A pandemic creates a different set of needs. So as concerns about COVID-19 rose from a rumble to a roar last month, I converted my “go bag” to a hybrid “go-or-stay bag,” full of hygiene products that beauty companies had sent me to review: travel-sized face and body wipes, liquid soap sealed in a malleable container. I bought minimalistic food and drink: Vitamin Water, vegetable tablets, whey protein powder, chewable vitamin C, granola bars and nuts and Almond Breeze milk that can stay fresh without refrigeration until November if not opened.
I’ve also assembled what I consider common-sense survival items: cash, reading glasses, batteries, candles that will stay lit for two days, flashlights (pre-tech old-school), and anything needed to prolong the life of my iPhone. I have a medical first aid kit, a cold pack, insect repellent, portable battery-operated lights you tap on and off, a lock and key, a 14-day supply of amoxicillin.

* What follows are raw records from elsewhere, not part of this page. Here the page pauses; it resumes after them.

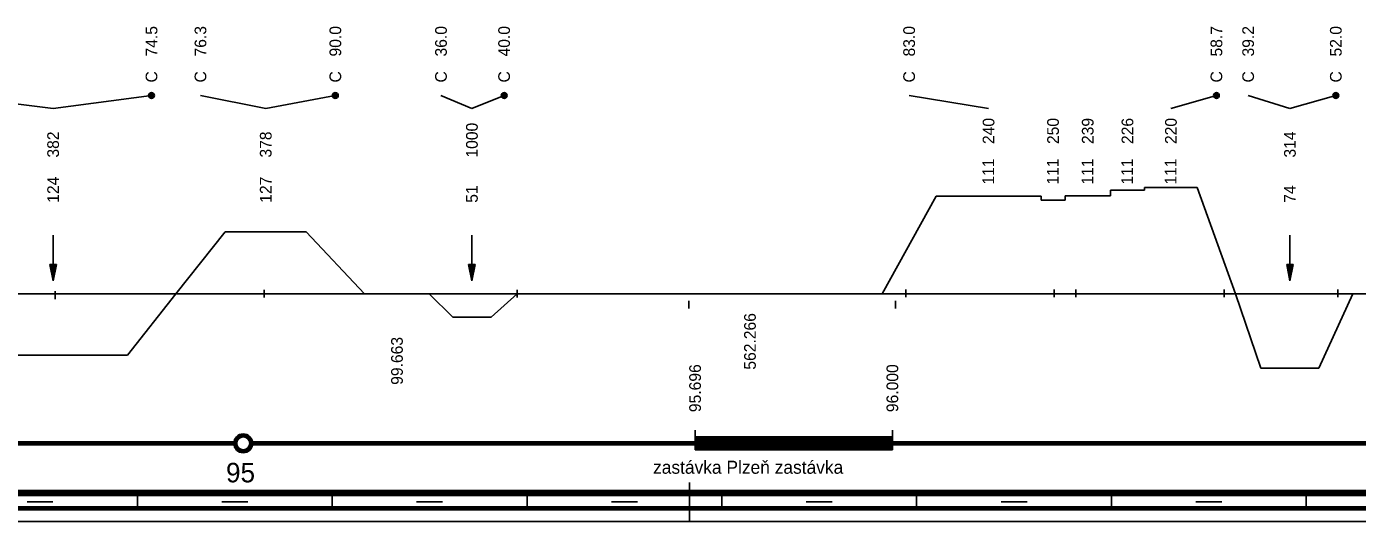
# Model space of a CAD drawing. Extents: x 2 to 10148, y 0 to 380.
# Drawn here: x 9767.9 to 9972.9, y 0 to 76.1 of the extents above; entities that cross this region are included whole.
import ezdxf

# ---------------------------------------------------------------- set-up
doc = ezdxf.new("R2010")
doc.units = 0
for name, color, linetype in [('KRIV1_CARA', 7, 'Continuous'), ('KRIV1_TEXT', 7, 'Continuous'), ('L_OBJEKTY_TEXT', 7, 'Continuous'), ('L_OBJEKTY_TVAR', 7, 'Continuous'), ('RAM', 7, 'Continuous'), ('REZERVA', 7, 'Continuous'), ('STAN_CARA', 7, 'Continuous'), ('STAN_TEXT', 7, 'Continuous')]:
    doc.layers.add(name, color=color, linetype=linetype)

msp = doc.modelspace()

# ---------------------------------------------------------------- linework, layer by layer
for p, q in [((9772.36, 35.38), (9772.36, 34.19)), ((9804.53, 35.6), (9804.53, 34.41)), ((9843.47, 35.63), (9843.47, 34.44)), ((9903.33, 35.68), (9903.33, 34.49)), ((9926.17, 35.68), (9926.17, 34.49)), ((9929.5, 35.68), (9929.5, 34.49)), ((9952.34, 35.68), (9952.34, 34.49)), ((9969.84, 35.68), (9969.84, 34.49)), ((9869.92, 33.92), (9869.92, 32.73)), ((9901.76, 33.92), (9901.76, 32.73))]:
    msp.add_line(p, q)
at = {"layer": 'KRIV1_CARA'}
for p, q in [((9940.09, 50.93), (9940.09, 51.36)), ((9940.09, 51.36), (9948.22, 51.36)), ((9948.22, 51.36), (9954.09, 35)), ((9899.69, 35), (9907.99, 50)), ((9907.99, 50), (9924.16, 50)), ((9924.16, 50), (9924.16, 49.4)), ((9924.16, 49.4), (9927.85, 49.4)), ((9927.85, 49.4), (9927.85, 50.06)), ((9927.85, 50.06), (9934.84, 50.06)), ((9934.84, 50.06), (9934.84, 50.93)), ((9934.84, 50.93), (9940.09, 50.93)), ((9790.9, 35), (9798.53, 44.52)), ((9798.53, 44.52), (9810.98, 44.52)), ((9810.98, 44.52), (9819.98, 35)), ((9138.15, 35), (9867.82, 35)), ((9783.45, 25.58), (9790.9, 35)), ((9829.95, 35), (9833.55, 31.4)), ((9839.47, 31.4), (9843.47, 35)), ((9867.82, 35), (10057.71, 35)), ((9954.09, 35), (9958.01, 23.54)), ((9966.95, 23.54), (9972.15, 35)), ((9833.55, 31.4), (9839.47, 31.4)), ((9760.58, 25.58), (9783.45, 25.58)), ((9958.01, 23.54), (9966.95, 23.54))]:
    msp.add_line(p, q, dxfattribs=at)
at = {"layer": 'KRIV1_TEXT'}
for p, q in [((9772.02, 63.5), (9755.78, 65.5)), ((9772.02, 63.5), (9787.17, 65.5)), ((9804.76, 63.5), (9794.71, 65.5)), ((9804.76, 63.5), (9815.48, 65.5)), ((9836.51, 63.5), (9831.75, 65.5)), ((9836.51, 63.5), (9841.47, 65.5)), ((9916.08, 63.5), (9903.84, 65.5)), ((9944.15, 63.5), (9951.16, 65.5)), ((9962.48, 63.5), (9956.05, 65.5)), ((9962.48, 63.5), (9969.55, 65.5)), ((9772.02, 44), (9772.02, 42.2)), ((9836.51, 44), (9836.51, 42.2)), ((9962.48, 44), (9962.48, 42.2)), ((9772.02, 42.2), (9772.02, 40)), ((9836.51, 42.2), (9836.51, 40)), ((9962.48, 42.2), (9962.48, 40)), ((9771.52, 39.5), (9772.02, 37)), ((9771.52, 39.5), (9772.52, 39.5)), ((9771.62, 39.5), (9772.02, 37.5)), ((9771.72, 39.5), (9772.02, 38)), ((9771.82, 39.5), (9772.02, 38.5)), ((9771.92, 39.5), (9772.02, 39)), ((9772.02, 40), (9772.02, 37)), ((9772.52, 39.5), (9772.02, 37)), ((9772.42, 39.5), (9772.02, 37.5)), ((9772.32, 39.5), (9772.02, 38)), ((9772.22, 39.5), (9772.02, 38.5)), ((9772.12, 39.5), (9772.02, 39)), ((9772.02, 39.5), (9772.02, 39.5)), ((9772.02, 39.5), (9772.02, 39.5)), ((9836.01, 39.5), (9836.51, 37)), ((9836.01, 39.5), (9837.01, 39.5)), ((9836.11, 39.5), (9836.51, 37.5)), ((9836.21, 39.5), (9836.51, 38)), ((9836.31, 39.5), (9836.51, 38.5)), ((9836.41, 39.5), (9836.51, 39)), ((9836.51, 40), (9836.51, 37)), ((9837.01, 39.5), (9836.51, 37)), ((9836.91, 39.5), (9836.51, 37.5)), ((9836.81, 39.5), (9836.51, 38)), ((9836.71, 39.5), (9836.51, 38.5)), ((9836.61, 39.5), (9836.51, 39)), ((9836.51, 39.5), (9836.51, 39.5)), ((9836.51, 39.5), (9836.51, 39.5)), ((9961.98, 39.5), (9962.48, 37)), ((9961.98, 39.5), (9962.98, 39.5)), ((9962.08, 39.5), (9962.48, 37.5)), ((9962.18, 39.5), (9962.48, 38)), ((9962.28, 39.5), (9962.48, 38.5)), ((9962.38, 39.5), (9962.48, 39)), ((9962.48, 40), (9962.48, 37)), ((9962.98, 39.5), (9962.48, 37)), ((9962.88, 39.5), (9962.48, 37.5)), ((9962.78, 39.5), (9962.48, 38)), ((9962.68, 39.5), (9962.48, 38.5)), ((9962.58, 39.5), (9962.48, 39)), ((9962.48, 39.5), (9962.48, 39.5)), ((9962.48, 39.5), (9962.48, 39.5))]:
    msp.add_line(p, q, dxfattribs=at)
for centre, radius in [((9787.17, 65.5), 0.45), ((9787.17, 65.5), 0.3), ((9787.17, 65.5), 0.15), ((9815.48, 65.5), 0.45), ((9815.48, 65.5), 0.3), ((9815.48, 65.5), 0.15), ((9841.47, 65.5), 0.45), ((9841.47, 65.5), 0.3), ((9841.47, 65.5), 0.15), ((9951.16, 65.5), 0.45), ((9951.16, 65.5), 0.3), ((9951.16, 65.5), 0.15), ((9969.55, 65.5), 0.45), ((9969.55, 65.5), 0.3), ((9969.55, 65.5), 0.15)]:
    msp.add_circle(centre, radius, dxfattribs=at)
at = {"layer": 'L_OBJEKTY_TVAR'}
for p, q in [((9870.88, 11), (9870.88, 14)), ((9870.88, 13), (9901.26, 13)), ((9870.88, 12.75), (9901.26, 12.75)), ((9870.88, 12.5), (9901.26, 12.5)), ((9901.26, 11), (9901.26, 14)), ((9870.88, 12.25), (9901.26, 12.25)), ((9870.88, 12), (9901.26, 12)), ((9870.88, 11.75), (9901.26, 11.75)), ((9870.88, 11.5), (9901.26, 11.5)), ((9870.88, 11.25), (9901.26, 11.25)), ((9870.88, 11), (9901.26, 11))]:
    msp.add_line(p, q, dxfattribs=at)
at = {"layer": 'RAM'}
for p, q in [((9138.15, 4.75), (9867.82, 4.75)), ((9138.15, 4.5), (9867.82, 4.5)), ((9138.15, 4.25), (9867.82, 4.25)), ((9867.82, 4.75), (10143.71, 4.75)), ((9867.82, 4.5), (10143.71, 4.5)), ((9867.82, 4.25), (10143.71, 4.25)), ((9870, 0), (9870, 6)), ((9138.15, 4), (9867.82, 4)), ((9138.15, 2.25), (9867.82, 2.25)), ((9768, 3), (9772, 3)), ((9785, 2), (9785, 4)), ((9798, 3), (9802, 3)), ((9815, 2), (9815, 4)), ((9828, 3), (9832, 3)), ((9845, 2), (9845, 4)), ((9858, 3), (9862, 3)), ((9867.82, 4), (10143.71, 4)), ((9867.82, 2.25), (10145.71, 2.25)), ((9875, 2), (9875, 4)), ((9888, 3), (9892, 3)), ((9905, 2), (9905, 4)), ((9918, 3), (9922, 3)), ((9935, 2), (9935, 4)), ((9948, 3), (9952, 3)), ((9965, 2), (9965, 4)), ((9138.15, 2), (9867.82, 2)), ((9138.15, 1.75), (9867.82, 1.75)), ((9138.15, 0), (9867.82, 0)), ((9867.82, 2), (10145.71, 2)), ((9867.82, 1.75), (10145.71, 1.75)), ((9867.82, 0), (10147.71, 0))]:
    msp.add_line(p, q, dxfattribs=at)
at = {"layer": 'REZERVA'}
for radius in [1.45, 1.4, 1.35, 1.3, 1.25, 1.2, 1.15, 1.1, 1.05, 1]:
    msp.add_circle((9801.3, 12), radius, dxfattribs=at)
at = {"layer": 'STAN_CARA'}
for p, q in [((9302.8, 12.25), (9799.8, 12.25)), ((9302.8, 12), (9799.8, 12)), ((9302.8, 12), (9799.8, 12)), ((9302.8, 11.75), (9799.8, 11.75)), ((9802.8, 12.25), (9867.82, 12.25)), ((9802.8, 12), (9867.82, 12)), ((9802.8, 12), (9867.82, 12)), ((9802.8, 11.75), (9867.82, 11.75)), ((9867.82, 12.25), (10057.71, 12.25)), ((9867.82, 12), (10057.71, 12)), ((9867.82, 12), (10057.71, 12)), ((9867.82, 11.75), (10057.71, 11.75))]:
    msp.add_line(p, q, dxfattribs=at)

# ---------------------------------------------------------------- texts
at = {"layer": 'KRIV1_TEXT'}
for s, p in [('74.5', (9788.07, 71.5)), ('76.3', (9795.61, 71.5)), ('90.0', (9816.38, 71.5)), ('36.0', (9832.65, 71.5)), ('40.0', (9842.37, 71.5)), ('83.0', (9904.74, 71.5)), ('58.7', (9952.06, 71.5)), ('39.2', (9956.95, 71.5)), ('52.0', (9970.45, 71.5)), ('C', (9788.07, 67.5)), ('C', (9795.61, 67.5)), ('C', (9816.38, 67.5)), ('C', (9832.65, 67.5)), ('C', (9842.37, 67.5)), ('C', (9904.74, 67.5)), ('C', (9952.06, 67.5)), ('C', (9956.95, 67.5)), ('C', (9970.45, 67.5)), ('240', (9916.97, 58.03)), ('250', (9926.9, 58.03)), ('239', (9932.24, 58.03)), ('226', (9938.36, 58.03)), ('220', (9945.05, 58.03)), ('382', (9772.92, 55.95)), ('378', (9805.66, 55.95)), ('1000', (9837.41, 55.95)), ('314', (9963.38, 55.95)), ('111', (9916.93, 51.79)), ('111', (9926.86, 51.79)), ('111', (9932.2, 51.79)), ('111', (9938.32, 51.79)), ('111', (9945.01, 51.79)), ('124', (9772.92, 49)), ('127', (9805.66, 49)), ('51', (9837.41, 49)), ('74', (9963.38, 49)), ('562.266', (9880.23, 23.33)), ('99.663', (9825.87, 21))]:
    msp.add_text(s, height=1.8, rotation=90, dxfattribs=at).set_placement(p)
at = {"layer": 'L_OBJEKTY_TEXT'}
for s, p in [('95.696', (9871.78, 16.8)), ('96.000', (9902.16, 16.8))]:
    msp.add_text(s, height=1.8, rotation=90, dxfattribs=at).set_placement(p)
msp.add_text('zastávka Plzeň zastávka', height=2, dxfattribs=at).set_placement((9864.41, 7.32))
at = {"layer": 'STAN_TEXT'}
msp.add_text('95', height=3, dxfattribs=at).set_placement((9798.65, 6))

doc.saveas('drawing.dxf')

And then there are necessities pertaining to a New Yorker, or really, in my mind, anyone human: two 5 mg Valium pills, a small bottle of tequila (technically also an antiseptic, if one has an open wound) and Nespresso capsules.
My collection has metastasized, outgrowing my stretchable bag; now, it fits into a large cardboard box kept in a spare closet. (Yes, a spare closet. I’m not only a really good packer, I’m also a high-end minimalist.) It’s also decidedly low-tech. Almost 20 years ago, the most technical item I considered taking with me was a first-generation iPod. Which I still own, and should probably add to my collection.
At this moment, the box’s contents remain untouched. I’m only allowing myself to add to them. (Though last night at 2 a.m., I was craving a granola bar.) I’m half-proud; half-horrified. Proud I’m this organized, that I have thought ahead. That I’ve saved some of these items for 15 years. Horrified that this no longer feels excessive. For years, when I told friends about my disaster prep, they thought I was neurotic, dramatic, ridiculous. Now they call asking for advice and suggestions.
So I send them off on their own gear hunts through Amazon and outdoor-retail websites — technology might be under-represented in my box, but it has made preparedness infinitely easier. These days, I feel vindicated but not superior. This is not the bag I want to carry. It’s not the bag I want to turn to if things get worse: if stores were to run out of food, if water or electricity were rationed or cut off as utility-plant workers get sick — events that haven’t happened, but suddenly don’t feel so far-fetched in New York.
Still, the box is also hopeful — as were the movies I watched, many of which helped prepare me for this moment. They taught me that the world always survives. That whether our nemesis is malevolent space aliens or a crown-covered virus, we humans are resourceful, adaptable, and smart. And that our acts of preparation — by collecting whistles, Almond Breeze, headgear lights, and even tequila — are proof.